Optimal recovery of operator sequences

TL;DR

This paper develops optimal methods for recovering operator sequences and scalar products from inexact information, providing exact solutions and applications to Fourier coefficient recovery in Hilbert spaces.

Contribution

It introduces new optimal recovery techniques for operator sequences and scalar products with inexact data, including explicit solutions and methods.

Findings

Exact solutions for recovery problems in sequence spaces

Optimal methods constructed for recovering scalar products

Application to Fourier coefficient recovery in Hilbert spaces

Abstract

In this paper we consider two recovery problems based on information given with an error.
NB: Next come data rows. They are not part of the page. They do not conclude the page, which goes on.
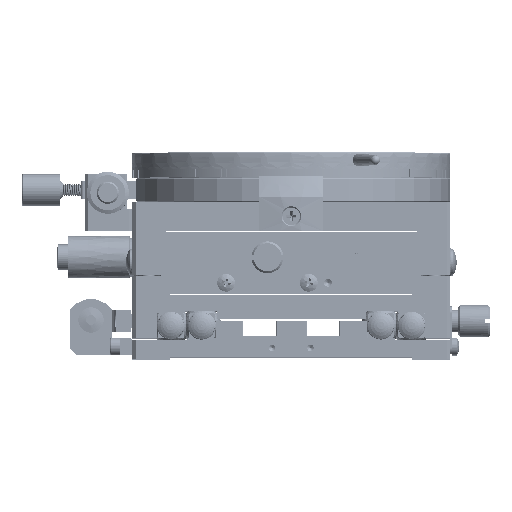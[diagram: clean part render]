
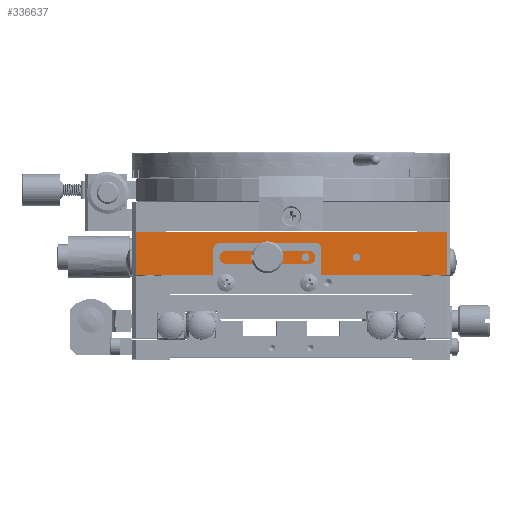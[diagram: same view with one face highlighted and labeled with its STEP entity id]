
A CAD part, top view. The second image highlights one B-rep face of the part: STEP entity #336637.
In plain terms, the highlighted planar face has unit normal (0, 0, 1).
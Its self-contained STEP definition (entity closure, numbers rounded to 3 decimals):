
#2847 = EDGE_CURVE ( 'NONE', #170212, #143112, #19950, .T. ) ;
#9569 = VERTEX_POINT ( 'NONE', #66243 ) ;
#12545 = DIRECTION ( 'NONE',  ( 1., 0., 0. ) ) ;
#15382 = VERTEX_POINT ( 'NONE', #189941 ) ;
#16666 = DIRECTION ( 'NONE',  ( 1., 0., 0. ) ) ;
#17989 = FACE_BOUND ( 'NONE', #235837, .T. ) ;
#18412 = CARTESIAN_POINT ( 'NONE',  ( 49., 0., 50. ) ) ;
#19771 = PLANE ( 'NONE',  #260353 ) ;
#19950 = LINE ( 'NONE', #47366, #264465 ) ;
#20676 = DIRECTION ( 'NONE',  ( 1., 0., 0. ) ) ;
#20909 = ORIENTED_EDGE ( 'NONE', *, *, #186046, .F. ) ;
#24274 = DIRECTION ( 'NONE',  ( 0., 0., 1. ) ) ;
#25049 = ORIENTED_EDGE ( 'NONE', *, *, #354192, .F. ) ;
#29030 = EDGE_LOOP ( 'NONE', ( #20909 ) ) ;
#32956 = CARTESIAN_POINT ( 'NONE',  ( -5.85, -8., 50. ) ) ;
#38142 = LINE ( 'NONE', #124120, #186645 ) ;
#47366 = CARTESIAN_POINT ( 'NONE',  ( 49., -13.5, 50. ) ) ;
#48335 = EDGE_LOOP ( 'NONE', ( #171168, #153718, #25049, #72640 ) ) ;
#49108 = CARTESIAN_POINT ( 'NONE',  ( 4.5, -8., 50. ) ) ;
#66243 = CARTESIAN_POINT ( 'NONE',  ( -10.25, -8., 50. ) ) ;
#68945 = DIRECTION ( 'NONE',  ( 1., 0., 0. ) ) ;
#72640 = ORIENTED_EDGE ( 'NONE', *, *, #336933, .T. ) ;
#73352 = VECTOR ( 'NONE', #178573, 1000. ) ;
#80242 = DIRECTION ( 'NONE',  ( 0., 1., 0. ) ) ;
#113842 = CARTESIAN_POINT ( 'NONE',  ( 49., -13.5, 50. ) ) ;
#118893 = VERTEX_POINT ( 'NONE', #32956 ) ;
#124120 = CARTESIAN_POINT ( 'NONE',  ( -50., -13.5, 50. ) ) ;
#125924 = FACE_BOUND ( 'NONE', #29030, .T. ) ;
#127307 = DIRECTION ( 'NONE',  ( 0., 0., 1. ) ) ;
#127747 = DIRECTION ( 'NONE',  ( 1., 0., 0. ) ) ;
#128550 = ORIENTED_EDGE ( 'NONE', *, *, #302635, .F. ) ;
#129540 = FACE_BOUND ( 'NONE', #335893, .T. ) ;
#130896 = AXIS2_PLACEMENT_3D ( 'NONE', #299251, #127307, #156562 ) ;
#131839 = DIRECTION ( 'NONE',  ( 0., 0., 1. ) ) ;
#139513 = ORIENTED_EDGE ( 'NONE', *, *, #180704, .F. ) ;
#143112 = VERTEX_POINT ( 'NONE', #18412 ) ;
#143245 = CARTESIAN_POINT ( 'NONE',  ( 5.75, -8., 50. ) ) ;
#151269 = LINE ( 'NONE', #202581, #361674 ) ;
#153718 = ORIENTED_EDGE ( 'NONE', *, *, #2847, .T. ) ;
#156562 = DIRECTION ( 'NONE',  ( 1., 0., 0. ) ) ;
#158029 = VERTEX_POINT ( 'NONE', #320968 ) ;
#160702 = DIRECTION ( 'NONE',  ( 1., 0., 0. ) ) ;
#162781 = CIRCLE ( 'NONE', #279594, 1.65 ) ;
#164588 = AXIS2_PLACEMENT_3D ( 'NONE', #245272, #131839, #16666 ) ;
#170212 = VERTEX_POINT ( 'NONE', #113842 ) ;
#171168 = ORIENTED_EDGE ( 'NONE', *, *, #355603, .T. ) ;
#178573 = DIRECTION ( 'NONE',  ( 0., -1., 0. ) ) ;
#180704 = EDGE_CURVE ( 'NONE', #9569, #9569, #322446, .T. ) ;
#186046 = EDGE_CURVE ( 'NONE', #158029, #158029, #311936, .T. ) ;
#186645 = VECTOR ( 'NONE', #12545, 1000. ) ;
#189941 = CARTESIAN_POINT ( 'NONE',  ( -49., -13.5, 50. ) ) ;
#202581 = CARTESIAN_POINT ( 'NONE',  ( -50., 0., 50. ) ) ;
#229833 = CARTESIAN_POINT ( 'NONE',  ( -49., 0., 50. ) ) ;
#235576 = EDGE_CURVE ( 'NONE', #118893, #118893, #162781, .T. ) ;
#235837 = EDGE_LOOP ( 'NONE', ( #128550 ) ) ;
#242969 = FACE_OUTER_BOUND ( 'NONE', #48335, .T. ) ;
#243353 = CIRCLE ( 'NONE', #296096, 1.25 ) ;
#245272 = CARTESIAN_POINT ( 'NONE',  ( -11.5, -8., 50. ) ) ;
#245431 = ORIENTED_EDGE ( 'NONE', *, *, #235576, .F. ) ;
#255556 = CARTESIAN_POINT ( 'NONE',  ( -49., -13.5, 50. ) ) ;
#256630 = EDGE_LOOP ( 'NONE', ( #245431 ) ) ;
#260353 = AXIS2_PLACEMENT_3D ( 'NONE', #354608, #356417, #127747 ) ;
#264465 = VECTOR ( 'NONE', #80242, 1000. ) ;
#279594 = AXIS2_PLACEMENT_3D ( 'NONE', #329830, #24274, #20676 ) ;
#284142 = VERTEX_POINT ( 'NONE', #143245 ) ;
#296096 = AXIS2_PLACEMENT_3D ( 'NONE', #49108, #344321, #160702 ) ;
#299251 = CARTESIAN_POINT ( 'NONE',  ( 20.5, -8., 50. ) ) ;
#302635 = EDGE_CURVE ( 'NONE', #284142, #284142, #243353, .T. ) ;
#311936 = CIRCLE ( 'NONE', #130896, 1.25 ) ;
#320968 = CARTESIAN_POINT ( 'NONE',  ( 21.75, -8., 50. ) ) ;
#321169 = VERTEX_POINT ( 'NONE', #229833 ) ;
#321720 = FACE_BOUND ( 'NONE', #256630, .T. ) ;
#322446 = CIRCLE ( 'NONE', #164588, 1.25 ) ;
#329830 = CARTESIAN_POINT ( 'NONE',  ( -7.5, -8., 50. ) ) ;
#335893 = EDGE_LOOP ( 'NONE', ( #139513 ) ) ;
#336637 = ADVANCED_FACE ( 'NONE', ( #321720, #17989, #129540, #125924, #242969 ), #19771, .T. ) ;
#336933 = EDGE_CURVE ( 'NONE', #321169, #15382, #345115, .T. ) ;
#344321 = DIRECTION ( 'NONE',  ( 0., 0., 1. ) ) ;
#345115 = LINE ( 'NONE', #255556, #73352 ) ;
#354192 = EDGE_CURVE ( 'NONE', #321169, #143112, #151269, .T. ) ;
#354608 = CARTESIAN_POINT ( 'NONE',  ( -50., -13.5, 50. ) ) ;
#355603 = EDGE_CURVE ( 'NONE', #15382, #170212, #38142, .T. ) ;
#356417 = DIRECTION ( 'NONE',  ( 0., 0., 1. ) ) ;
#361674 = VECTOR ( 'NONE', #68945, 1000. ) ;
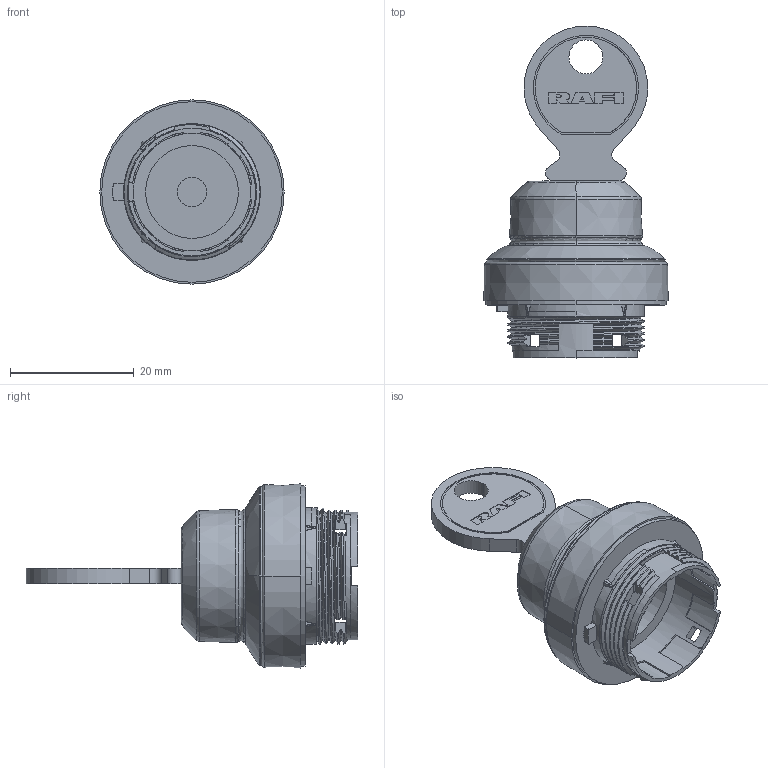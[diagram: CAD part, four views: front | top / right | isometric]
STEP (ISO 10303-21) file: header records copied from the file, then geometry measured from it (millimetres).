
FILE_DESCRIPTION((''),'2;1');
FILE_NAME('CAD_3D_RAFIX-22-FS-130275XXX-RD','2022-03-24T08:28:42',('H0101330'),(''),'CREO PARAMETRIC BY PTC INC, 2018500','CREO PARAMETRIC BY PTC INC, 2018500','');
FILE_SCHEMA(('AUTOMOTIVE_DESIGN { 1 0 10303 214 1 1 1 1 }'));
Length unit declared in the file: millimetre
Products named in the file (1): CAD_3D_RAFIX-22-FS-130275XXX-RD
Bounding box: 29.8 x 53.65 x 29.8 mm (x, y, z)
Volume: 10104.5 mm3; surface area: 5298.9 mm2
Topology: 1 solids, 1 shells, 640 faces, 1849 edges, 1240 vertices
Faces by surface type: plane 454, cylinder 98, bspline 50, torus 20, cone 18
Entity records: 24504 total; most frequent: CARTESIAN_POINT 7775, ORIENTED_EDGE 3698, DIRECTION 3044, EDGE_CURVE 1849, VECTOR 1274, LINE 1274, VERTEX_POINT 1240, AXIS2_PLACEMENT_3D 885

First is the problem of optimal recovery of the class $W^T_q = \{(t_1h_1,t_2h_2,\ldots)\in \ell_q\,:\,\|h\|_q\leqslant 1\}$, where $1\le q < \infty$ and $t_1\geqslant t_2\geqslant \ldots \geqslant 0$, in the space $\ell_q$ when in the capacity of inexact information we know either the first $n\in\mathbb{N}$ elements of a sequence with an error measured in the space of finite sequences $\ell_r^n$, $0 < r \le \infty$, or a sequence itself is known with an error measured in the space $\ell_r$. The second is the problem of optimal recovery of scalar products acting on Cartesian product $W^{T,S}_{p,q}$ of classes $W^T_p$ and $W^S_q$, where $1 < p,q < \infty$, $\frac{1}{p} + \frac{1}{q} = 1$ and $s_1\ge s_2\ge \ldots \ge 0$, when in the capacity of inexact information we know the first $n$ coordinate-wise products $x_1y_1, x_2y_2,\ldots,x_ny_m$ of the element $x\times y \in W^{T,S}_{p,q}$ with an error measured in the space $\ell_r^n$. We find exact solutions to above problems and construct optimal methods of recovery. As an application of our results we consider the problem of optimal recovery of classes in Hilbert spaces by Fourier coefficients known with an error measured in the space $\ell_p$ with $p > 2$.